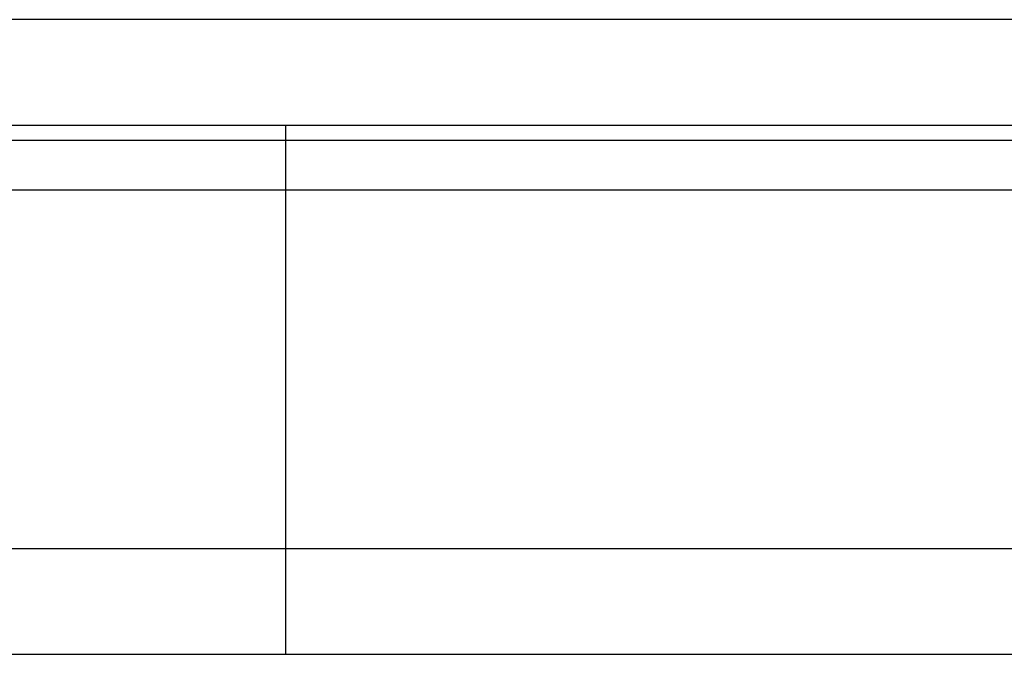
# Model space of a CAD drawing. Header units: millimetres. Extents: x 465 to 869, y -391 to -257.
# Tile 46 of 52: x 798 to 812, y -370 to -361. Entities that reach past the tile are written whole.
import ezdxf
from ezdxf.lldxf.tags import DXFTag

# ---------------------------------------------------------------- set-up
doc = ezdxf.new("R2010")
doc.units = ezdxf.units.MM
doc.layers.add('HID', color=2, linetype='DASHED')
doc.layers.add('OUT', color=3, linetype='CONTINUOUS')
tags = doc.linetypes.add('DASHED', pattern=[25.72, 12.86, -12.86]).pattern_tags.tags
tags[6:7] = [DXFTag(74, 4), DXFTag(75, 0), DXFTag(340, '0'), DXFTag(46, 0.0), DXFTag(50, 0.0), DXFTag(44, 0.0), DXFTag(45, 0.0)]
tags[4:5] = [DXFTag(74, 4), DXFTag(75, 0), DXFTag(340, '0'), DXFTag(46, 0.0), DXFTag(50, 0.0), DXFTag(44, 0.0), DXFTag(45, 0.0)]

msp = doc.modelspace()

# ---------------------------------------------------------------- linework, layer by layer
at = {"layer": 'HID', "color": 0, "ltscale": 0.1}
msp.add_line((801.57, -369.89), (801.57, -362.39), dxfattribs=at)
at = {"layer": 'OUT', "color": 0, "ltscale": 0.1}
for p, q in [((825.04, -360.89), (702.04, -360.89)), ((825.04, -362.39), (702.04, -362.39)), ((658.933, -362.598), (857.07, -362.598)), ((658.573, -363.305), (857.07, -363.305)), ((658.183, -368.39), (857.07, -368.39)), ((612.07, -369.89), (857.07, -369.89))]:
    msp.add_line(p, q, dxfattribs=at)

doc.saveas('drawing.dxf')
+++
* WHAT YOU NEED TO DO
Using the records above, report the number of lines that include the string "color", with nothing added.

* RESPONSE TO THE TASK
4